Das Terror-Thema beeinträchtigt wieder die Konzentration auf die wichtigen Testspiele am Karsamstag gegen England sowie drei Tage später in München gegen Italien, auch wenn die Sicherheitslage an den heimischen Spielorten aktuell nicht als bedrohlich eingestuft wird. "Wir gehen zum gegenwärtigen Zeitpunkt nicht davon aus, dass es irgendwelche Auswirkungen auf die Spiele haben wird", sagte Löws Assistent Thomas Schneider zu den Anschlägen mit zahlreichen Toten in Belgien: "Unsere Gedanken sind bei den Opfern und Angehörigen."
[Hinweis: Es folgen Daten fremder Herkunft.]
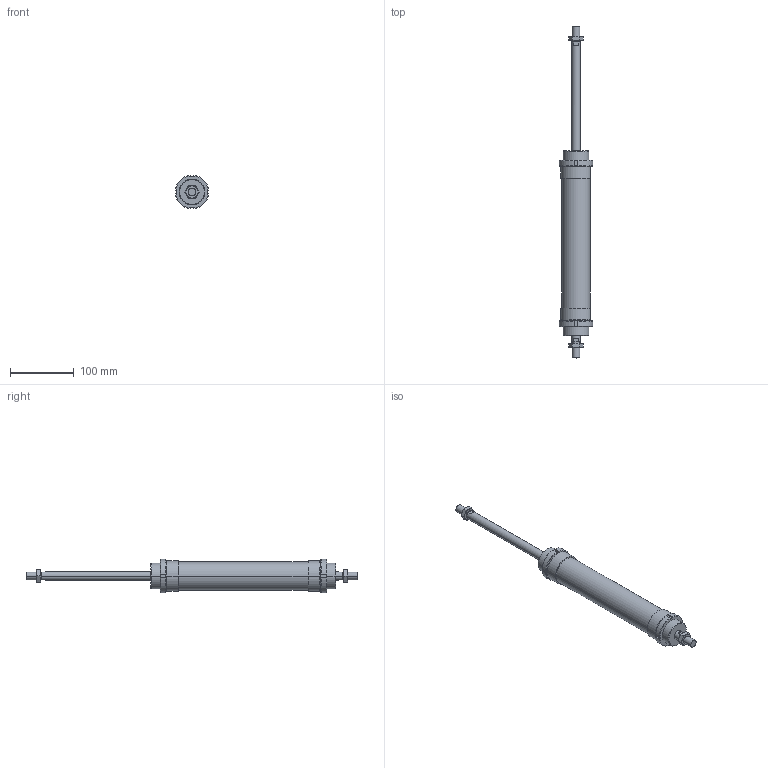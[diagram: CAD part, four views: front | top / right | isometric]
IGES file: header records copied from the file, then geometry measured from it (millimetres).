
Global section: file name: No Iges File Name specified; native system: AutoDesk Inventor R6.0; preprocessor: AutoDesk Inventor Iges Exporter R6.0; author: No Author specified; organization: No Organization specified; date: 20030403.072834; units: millimetre
Bounding box: 51.76 x 519 x 51.76 mm (x, y, z)
Volume: 485470 mm3; surface area: 90745.8 mm2
Topology: 6 solids, 6 shells, 182 faces, 424 edges, 264 vertices
Faces by surface type: plane 66, cone 52, bspline 30, cylinder 28, revolution 6
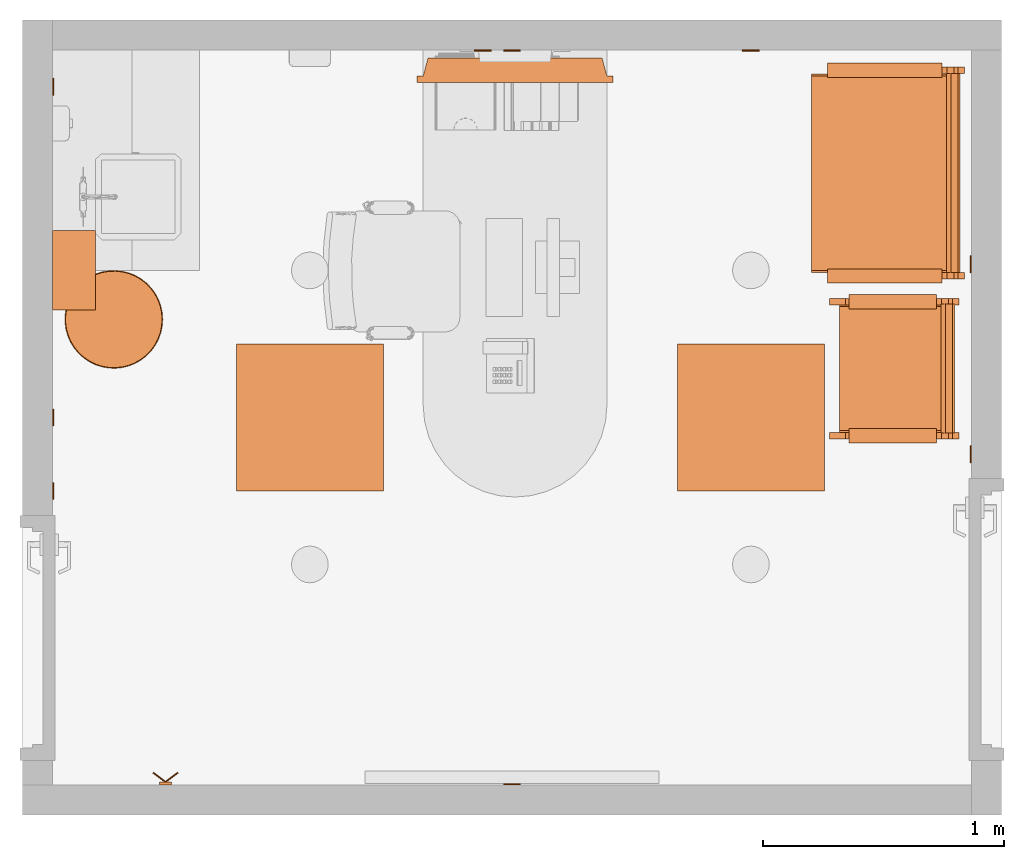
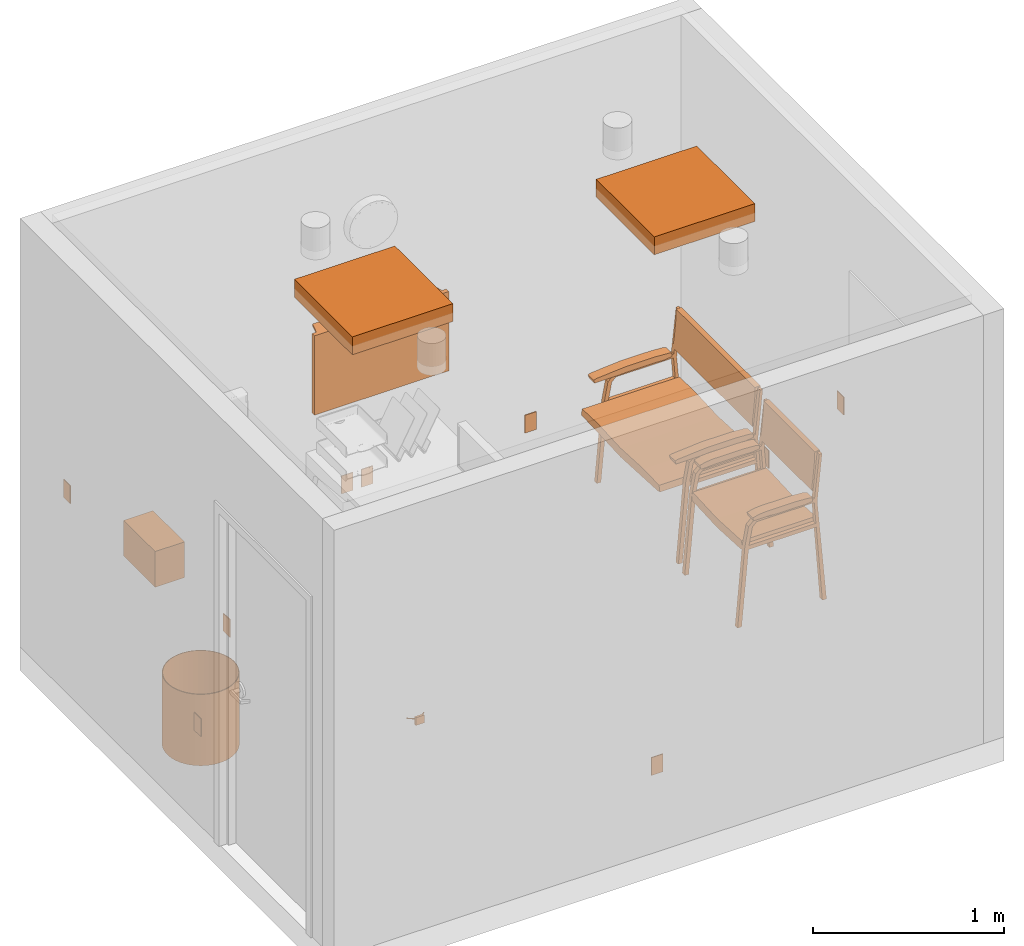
# One storey, part 6 of 10: 17 proxies.
"""IFC2X3 building model written with IfcOpenShell, lengths in feet."""

from ifc_helpers import new_model, entity, si_unit, converted_unit, derived_unit, direction, frame, frame_2d, origin, origin_2d_with_axis, place, context, subcontext, project, spatial, polyline, rectangle, circle, hollow_circle, outline, extrude, source, transform, mapped, type_object, type_shapes, element, save


model = new_model("IFC2X3")

# Units and contexts
model_context = context("Model", 3, precision=0.0001, world=origin(), true_north=direction((6.12303176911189e-17, 1.0)))
body_context = subcontext(model_context, "Body", "Model", "MODEL_VIEW")
ifc_project = project(units=[converted_unit("LENGTHUNIT", "FOOT", entity("IfcRatioMeasure", 0.3048), si_unit("LENGTHUNIT", "METRE"), dimensions=[1, 0, 0, 0, 0, 0, 0]), converted_unit("AREAUNIT", "SQUARE FOOT", entity("IfcRatioMeasure", 0.09290304), si_unit("AREAUNIT", "SQUARE_METRE"), dimensions=[2, 0, 0, 0, 0, 0, 0]), converted_unit("VOLUMEUNIT", "CUBIC FOOT", entity("IfcRatioMeasure", 0.028316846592), si_unit("VOLUMEUNIT", "CUBIC_METRE"), dimensions=[3, 0, 0, 0, 0, 0, 0]), converted_unit("PLANEANGLEUNIT", "DEGREE", entity("IfcRatioMeasure", 0.0174532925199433), si_unit("PLANEANGLEUNIT", "RADIAN"), dimensions=[0, 0, 0, 0, 0, 0, 0]), si_unit("MASSUNIT", "GRAM", prefix="KILO"), derived_unit("MASSDENSITYUNIT", [(si_unit("MASSUNIT", "GRAM", prefix="KILO"), 1), (si_unit("LENGTHUNIT", "METRE"), -3)]), si_unit("TIMEUNIT", "SECOND"), si_unit("FREQUENCYUNIT", "HERTZ"), si_unit("THERMODYNAMICTEMPERATUREUNIT", "DEGREE_CELSIUS"), derived_unit("THERMALTRANSMITTANCEUNIT", [(si_unit("MASSUNIT", "GRAM", prefix="KILO"), 1), (si_unit("THERMODYNAMICTEMPERATUREUNIT", "KELVIN"), -1), (si_unit("TIMEUNIT", "SECOND"), -3)]), derived_unit("VOLUMETRICFLOWRATEUNIT", [(si_unit("LENGTHUNIT", "METRE"), 3), (si_unit("TIMEUNIT", "SECOND"), -1)]), si_unit("ELECTRICCURRENTUNIT", "AMPERE"), si_unit("ELECTRICVOLTAGEUNIT", "VOLT"), si_unit("POWERUNIT", "WATT"), si_unit("FORCEUNIT", "NEWTON"), si_unit("ILLUMINANCEUNIT", "LUX"), si_unit("LUMINOUSFLUXUNIT", "LUMEN"), si_unit("LUMINOUSINTENSITYUNIT", "CANDELA"), derived_unit("USERDEFINED", [(si_unit("MASSUNIT", "GRAM", prefix="KILO"), -1), (si_unit("LENGTHUNIT", "METRE"), -2), (si_unit("TIMEUNIT", "SECOND"), 3), (si_unit("LUMINOUSFLUXUNIT", "LUMEN"), 1)]), derived_unit("LINEARVELOCITYUNIT", [(si_unit("LENGTHUNIT", "METRE"), 1), (si_unit("TIMEUNIT", "SECOND"), -1)]), si_unit("PRESSUREUNIT", "PASCAL"), derived_unit("USERDEFINED", [(si_unit("LENGTHUNIT", "METRE"), -2), (si_unit("MASSUNIT", "GRAM", prefix="KILO"), 1), (si_unit("TIMEUNIT", "SECOND"), -2)])], contexts=[model_context])

# Site, building, storey, space
site_placement = place(None, origin())
site = spatial("IfcSite", under=ifc_project, at=site_placement, Name="Default", CompositionType="ELEMENT")
building_placement = place(site_placement, origin())
building = spatial("IfcBuilding", under=site, at=building_placement, Name="OUTPATIENT / PACT CLINIC (Ch. 265)", CompositionType="ELEMENT")
storey_placement = place(building_placement, origin())
storey = spatial("IfcBuildingStorey", under=building, at=storey_placement, Name="DATUM", CompositionType="ELEMENT", Elevation=0.0)
space_placement = place(storey_placement, origin())
space = spatial("IfcSpace", under=storey, at=space_placement, Name="OFDC2", CompositionType="ELEMENT", InteriorOrExteriorSpace="INTERNAL")

# Proxies
building_element_proxy_type_1 = type_object("IfcBuildingElementProxyType", Name="24\" x 24\"", PredefinedType="NOTDEFINED")
shared_shape_1 = source(origin(), body_context, "Body", "SweptSolid", [
    extrude(rectangle(XDim=2.0, YDim=2.0, at=origin_2d_with_axis()), frame((0.0, 0.0, 8.0)), (0.0, 0.0, 1.0), 0.375),
])
type_shapes(building_element_proxy_type_1, [shared_shape_1])
proxy_1_placement = place(space_placement, frame((-68.7553643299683, -856.690450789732, 1.0)))
element("IfcBuildingElementProxy", 1, at=proxy_1_placement, inside=space, type_object=building_element_proxy_type_1, Name="Return Register:24\" x 24\"", ObjectType="24\" x 24\"", context=body_context, shape_type="MappedRepresentation", body=[
    mapped(shared_shape_1, transform((0.0, 0.0, 0.0), scale=1.0)),
])
building_element_proxy_type_2 = type_object("IfcBuildingElementProxyType", Name="24\" x 24\"", PredefinedType="NOTDEFINED")
shared_shape_2 = source(origin(), body_context, "Body", "SweptSolid", [
    extrude(rectangle(XDim=2.00000000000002, YDim=2.00000000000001, at=origin_2d_with_axis()), frame((0.0, 0.0, 8.0), z_axis=(0.0, 0.0, 1.0), x_axis=(0.0, 1.0, 0.0)), (0.0, 0.0, 1.0), 0.375),
])
type_shapes(building_element_proxy_type_2, [shared_shape_2])
proxy_2_placement = place(space_placement, frame((-74.7553643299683, -856.690450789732, 1.0)))
element("IfcBuildingElementProxy", 2, at=proxy_2_placement, inside=space, type_object=building_element_proxy_type_2, Name="Supply Diffuser:24\" x 24\"", ObjectType="24\" x 24\"", context=body_context, shape_type="MappedRepresentation", body=[
    mapped(shared_shape_2, transform((0.0, 0.0, 0.0), scale=1.0)),
])
building_element_proxy_type_3 = type_object("IfcBuildingElementProxyType", Name="Duplex", PredefinedType="NOTDEFINED")
shared_shape_3 = source(origin(), body_context, "Body", "SweptSolid", [
    extrude(rectangle(XDim=0.0156249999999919, YDim=0.229166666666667, at=origin_2d_with_axis()), frame((0.0, 0.210937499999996, 0.0), z_axis=(0.0, 0.0, 1.0), x_axis=(0.0, 1.0, 0.0)), (0.0, 0.0, 1.0), 0.37500000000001),
])
type_shapes(building_element_proxy_type_3, [shared_shape_3])
proxy_3_placement = place(space_placement, frame((-72.0053884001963, -851.487325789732, 1.31250000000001), z_axis=(0.0, 0.0, 1.0), x_axis=(-1.0, 0.0, 0.0)))
element("IfcBuildingElementProxy", 3, at=proxy_3_placement, inside=space, type_object=building_element_proxy_type_3, Name="Outlet, Duplex, Wall:Duplex", ObjectType="Duplex", context=body_context, shape_type="MappedRepresentation", body=[
    mapped(shared_shape_3, transform((0.0, 0.0, 0.0), scale=1.0)),
])
proxy_4_placement = place(space_placement, frame((-72.0053643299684, -861.893575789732, 1.31249999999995)))
element("IfcBuildingElementProxy", 4, at=proxy_4_placement, inside=space, type_object=building_element_proxy_type_3, Name="Outlet, Duplex, Wall:Duplex", ObjectType="Duplex", context=body_context, shape_type="MappedRepresentation", body=[
    mapped(shared_shape_3, transform((0.0, 0.0, 0.0), scale=1.0)),
])
for number, where, z_axis, x_axis, name in (
    (5, (-78.4584893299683, -856.690450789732, 1.31250000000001), (0.0, 0.0, 1.0), (0.0, -1.0, 0.0), "Outlet, Duplex, Wall:Duplex"),
    (6, (-65.5522393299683, -854.607117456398, 1.3125), (0.0, 0.0, 1.0), (0.0, 1.0, 0.0), "Outlet, Duplex, Wall:Duplex"),
    (7, (-68.7553884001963, -851.487325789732, 1.31250000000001), (0.0, 0.0, 1.0), (-1.0, 0.0, 0.0), "Outlet, Duplex, Wall:Duplex"),
):
    element("IfcBuildingElementProxy", number, at=place(space_placement, frame(where, z_axis=z_axis, x_axis=x_axis)), inside=space, type_object=building_element_proxy_type_3, Name=name, ObjectType="Duplex", context=body_context, shape_type="MappedRepresentation", body=[
        mapped(shared_shape_3, transform((0.0, 0.0, 0.0), scale=1.0)),
    ])
building_element_proxy_type_4 = type_object("IfcBuildingElementProxyType", Name="F0206 - Chair, Side, Bariatric, With Arms", PredefinedType="NOTDEFINED")
shared_shape_4 = source(origin(), body_context, "Body", "SweptSolid", [
    extrude(outline(polyline([(-0.104007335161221, -0.374369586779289), (-0.0277118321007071, -0.374369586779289), (-0.0197350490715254, -0.338348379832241), (0.00592434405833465, -0.182113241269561), (0.0162560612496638, -0.135457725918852), (0.0457826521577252, -0.00212284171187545), (0.0856087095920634, 0.177721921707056), (0.11279838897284, 0.276572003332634), (0.120257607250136, 0.307674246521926), (0.129202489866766, 0.415216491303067), (0.0455811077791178, 0.433734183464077), (0.016702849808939, 0.395704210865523), (-0.0364083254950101, 0.222671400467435), (-0.125070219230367, -0.177704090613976), (-0.13682888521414, -0.27538652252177), (-0.128352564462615, -0.36942248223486), (-0.104007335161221, -0.374369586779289)])), frame((-0.96650236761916, -1.35538162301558, 2.73061112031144), z_axis=(0.0, 1.0, 0.0), x_axis=(0.991475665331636, 0.0, -0.130291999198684)), (0.0, 0.0, 1.0), 2.71239582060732),
    extrude(outline(polyline([(0.21619694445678, -1.29893280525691), (0.358726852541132, -1.29893280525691), (0.359427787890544, -1.28744520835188), (0.131939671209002, 0.0334574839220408), (-0.21576403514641, 1.27413096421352), (-0.250272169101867, 1.33714755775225), (-0.365463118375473, 1.28238708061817), (-0.266199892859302, 0.757316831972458), (-0.0515428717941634, -0.00790943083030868), (0.0829508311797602, -0.791219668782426), (0.21619694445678, -1.29893280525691)])), frame((-0.98091268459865, -0.00278955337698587, 1.62617955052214), z_axis=(1.0, 0.0, 0.0), x_axis=(0.0, -0.219936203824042, -0.975514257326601)), (0.0, 0.0, 1.0), 1.92992997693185),
    extrude(outline(polyline([(-0.642438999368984, -0.27180203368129), (-0.575141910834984, -0.27180203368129), (-0.324245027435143, -0.198283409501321), (0.233932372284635, 0.00487654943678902), (0.761636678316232, 0.245132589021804), (0.812491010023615, 0.279803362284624), (0.769810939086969, 0.339540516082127), (0.329805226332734, 0.179391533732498), (0.164451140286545, 0.108352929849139), (-0.336640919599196, -0.0740296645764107), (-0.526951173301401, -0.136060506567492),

Das Gefühl der Unsicherheit ist kurz vor dem EM-Turnier zurück. "Ich glaube, jeder Mensch hat Angst", sagte Weltmeister Shkodran Mustafi, ohne die Situation dramatisieren zu wollen: "Man muss lernen, mit dieser Angst umzugehen." Lukas Podolski, der sich gerade erst an seinem aktuellen Wohnort Istanbul mit Bombenanschlägen und einer Spielabsage seines Vereins Galatasaray konfrontiert sah, bemerkte zur allgegenwärtigen Terrorgefahr in weiten Teilen Europas: "Man kann sich nicht verstecken, man kann nicht sein ganzes Leben ändern."

Die Sicherheitsmaßnahmen seien auch für die Mannschaft "hochgefahren worden", berichtete Schneider. Sichtbar wurde das am Teamhotel durch erhöhte Polizeipräsenz. Zum ersten Training im Amateurstadion von Hertha wurde der Mannschaftsbus am Nachmittag von vier Polizeiwagen mit Blaulicht eskortiert. Auf dem Platz übten angeführt von Kapitän Bastian Schweinsteiger und Bayern-Bankdrücker Mario Götze nur 14 der 26 angereisten Akteure. Neben dem angeschlagen Trio Mesut Özil, Julian Draxler und Karim Bellarabi durften auch einige zuletzt sehr belastete Spieler im Teamhotel eine Regenerationseinheit einlegen.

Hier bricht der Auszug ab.